Out FR 2 601 753 A1 . FR 2 923 399 A1 and FR 2 899 947 A1 are automatically functioning, simple shut-off systems for a medium permeable with a medium system known per se.

For example, FR 2 601 753 A1 discloses a shut-off system with an outlet located in the lower part of the system, which outlet can be closed by the shut-off system and the shut-off system is a wear-resistant buoyant that can be floated on the medium while the system is operating the density of the medium changes in such a way that the float moves downwards and blocks the outlet for the medium with solids, in which the float is held in this position until a pressure equalization takes place.

The disadvantage of this technical solution according to FR 2 601 753 A1 and the solutions according to FR 2 923 399 A1 and FR 2 899 947 A1 is that in abrasive media tremendous wear on the shut-off system, in particular on the float by abrasion occurs, which may possibly lead to failure of the shut-off system within a very short time.

The invention is therefore based on the object to provide a shut-off system for a medium permeable with a medium system, which avoids the high wear by abrasion on the float.

This object is achieved by a shut-off system according to claim 1. Advantageous embodiments are specified in the dependent subordinate claims.

The essence of the invention is to provide a ceramic shut-off system in which a ceramic float floats on a liquid (a suspension / medium) (which contains solids) until the density of the medium (liquid) is maintained Medium) such that the float moves down and obstructs the passage for the medium.
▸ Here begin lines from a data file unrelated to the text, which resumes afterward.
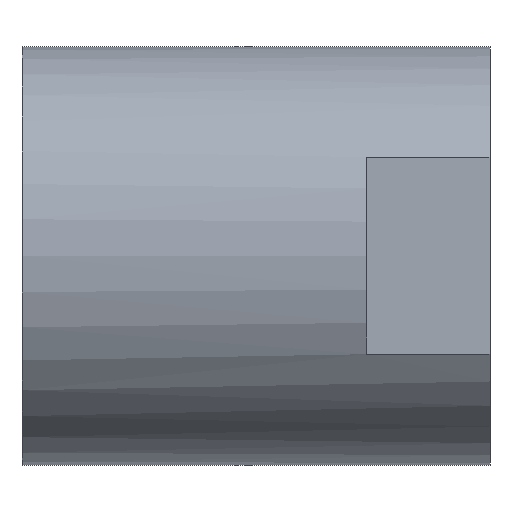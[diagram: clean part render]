
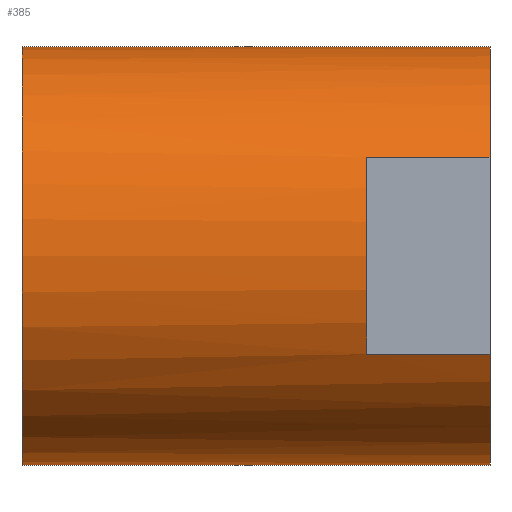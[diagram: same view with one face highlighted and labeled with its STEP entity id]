
A CAD part, top view. The second image highlights one B-rep face of the part: STEP entity #385.
In plain terms, the highlighted cylindrical face has radius 17 mm (diameter 34 mm), a partial arc.
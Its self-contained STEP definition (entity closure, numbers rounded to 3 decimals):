
#25=CARTESIAN_POINT('',(-19.,0.,0.));
#26=DIRECTION('',(1.,0.,0.));
#27=DIRECTION('',(0.,1.,0.));
#28=AXIS2_PLACEMENT_3D('',#25,#26,#27);
#115=CARTESIAN_POINT('',(9.,0.,0.));
#116=DIRECTION('',(-1.,0.,0.));
#117=DIRECTION('',(0.,-0.471,0.882));
#118=AXIS2_PLACEMENT_3D('',#115,#116,#117);
#120=DIRECTION('',(-1.,0.,0.));
#121=VECTOR('',#120,10.);
#122=CARTESIAN_POINT('',(19.,-8.,15.));
#123=LINE('173',#122,#121);
#124=CARTESIAN_POINT('',(19.,0.,0.));
#125=DIRECTION('',(1.,0.,0.));
#126=DIRECTION('',(0.,-0.471,0.882));
#127=AXIS2_PLACEMENT_3D('',#124,#125,#126);
#129=DIRECTION('',(-1.,0.,0.));
#130=VECTOR('',#129,38.);
#131=CARTESIAN_POINT('',(19.,-17.,0.));
#132=LINE('98',#131,#130);
#133=DIRECTION('',(-1.,0.,0.));
#134=VECTOR('',#133,38.);
#135=CARTESIAN_POINT('',(19.,17.,0.));
#136=LINE('91',#135,#134);
#137=CARTESIAN_POINT('',(19.,0.,0.));
#138=DIRECTION('',(1.,0.,0.));
#139=DIRECTION('',(0.,1.,0.));
#140=AXIS2_PLACEMENT_3D('',#137,#138,#139);
#142=DIRECTION('',(-1.,0.,0.));
#143=VECTOR('',#142,10.);
#144=CARTESIAN_POINT('',(19.,8.,15.));
#145=LINE('174',#144,#143);
#154=CARTESIAN_POINT('',(19.,17.,0.));
#155=CARTESIAN_POINT('',(-19.,17.,0.));
#156=VERTEX_POINT('',#154);
#157=VERTEX_POINT('',#155);
#166=CARTESIAN_POINT('',(19.,-17.,0.));
#167=CARTESIAN_POINT('',(-19.,-17.,0.));
#168=VERTEX_POINT('',#166);
#169=VERTEX_POINT('',#167);
#174=CARTESIAN_POINT('',(19.,-8.,15.));
#175=CARTESIAN_POINT('',(19.,8.,15.));
#176=VERTEX_POINT('',#174);
#177=VERTEX_POINT('',#175);
#182=CARTESIAN_POINT('',(9.,-8.,15.));
#183=CARTESIAN_POINT('',(9.,8.,15.));
#184=VERTEX_POINT('',#182);
#185=VERTEX_POINT('',#183);
#368=CARTESIAN_POINT('',(20.9,0.,0.));
#369=DIRECTION('',(-1.,0.,0.));
#370=DIRECTION('',(0.,1.,0.));
#371=AXIS2_PLACEMENT_3D('',#368,#369,#370);
#372=CYLINDRICAL_SURFACE('134',#371,17.);
#373=ORIENTED_EDGE('172',*,*,#271,.F.);
#375=ORIENTED_EDGE('173',*,*,#374,.F.);
#376=ORIENTED_EDGE('178',*,*,#298,.T.);
#377=ORIENTED_EDGE('98',*,*,#246,.T.);
#378=ORIENTED_EDGE('137',*,*,#223,.F.);
#379=ORIENTED_EDGE('91',*,*,#243,.F.);
#380=ORIENTED_EDGE('177',*,*,#302,.T.);
#382=ORIENTED_EDGE('174',*,*,#381,.T.);
#383=EDGE_LOOP('134',(#373,#375,#376,#377,#378,#379,#380,#382));
#384=FACE_OUTER_BOUND('134',#383,.F.);
#385=ADVANCED_FACE('134',(#384),#372,.T.);
#29=CIRCLE('137',#28,17.);
#119=CIRCLE('172',#118,17.);
#128=CIRCLE('178',#127,17.);
#141=CIRCLE('177',#140,17.);
#223=EDGE_CURVE('137',#157,#169,#29,.T.);
#243=EDGE_CURVE('91',#156,#157,#136,.T.);
#246=EDGE_CURVE('98',#168,#169,#132,.T.);
#271=EDGE_CURVE('172',#184,#185,#119,.T.);
#298=EDGE_CURVE('178',#176,#168,#128,.T.);
#302=EDGE_CURVE('177',#156,#177,#141,.T.);
#374=EDGE_CURVE('173',#176,#184,#123,.T.);
#381=EDGE_CURVE('174',#177,#185,#145,.T.);

Just at the moment when the float becomes heavier than the displaced medium (now in the form of a gas-solid mixture, possibly also liquid therewith), the float completes the passage. Since further pressure (gas pressure) is applied, the float is held in the sealing position until a pressure equalization is created again.

The pressure balance can z. B. by "back pressures" of liquid. Since the media are very abrasive substances, it is not possible to use simple metallic floating bodies as they wear out and leak relatively quickly.

In the case of the provided ceramic body, which is harder in hardness than the solids contained in the medium, the medium can not wear the sealing elements, the closure of the passage is maintained.

It is therefore essential to the invention that the floating body must be made wear-resistant, for example made of ceramic.

Claims (4)

Shut-off system for a medium-flow system with an outlet located in the lower part of the system, which outlet is closable by the shut-off system and the shut-off system is a wear-resistant float that floats on the medium while the system is in operation the density of the medium changes so that the float moves down and the outlet for the medium is blocked with solids, in which the float is held in this position until a pressure equalization, characterized in that the wear-resistant float is made of ceramic , Shut-off system for a system through which a medium can flow with solids according to claim 1, characterized in that, in the operating state of the shut-off system, the outlet of the system can be automatically closed precisely at the moment of the transition of the medium from the liquid to the vapor or gaseous state. Shut-off system for a system through which a medium can flow with solids according to claim 1, characterized in that in the operating state of the shut-off system by pressure equalization, the output of the system is automatically openable. Use of a shut-off system according to any one of the preceding claims 1 to 3 for the regulation of a solids-containing medium stream.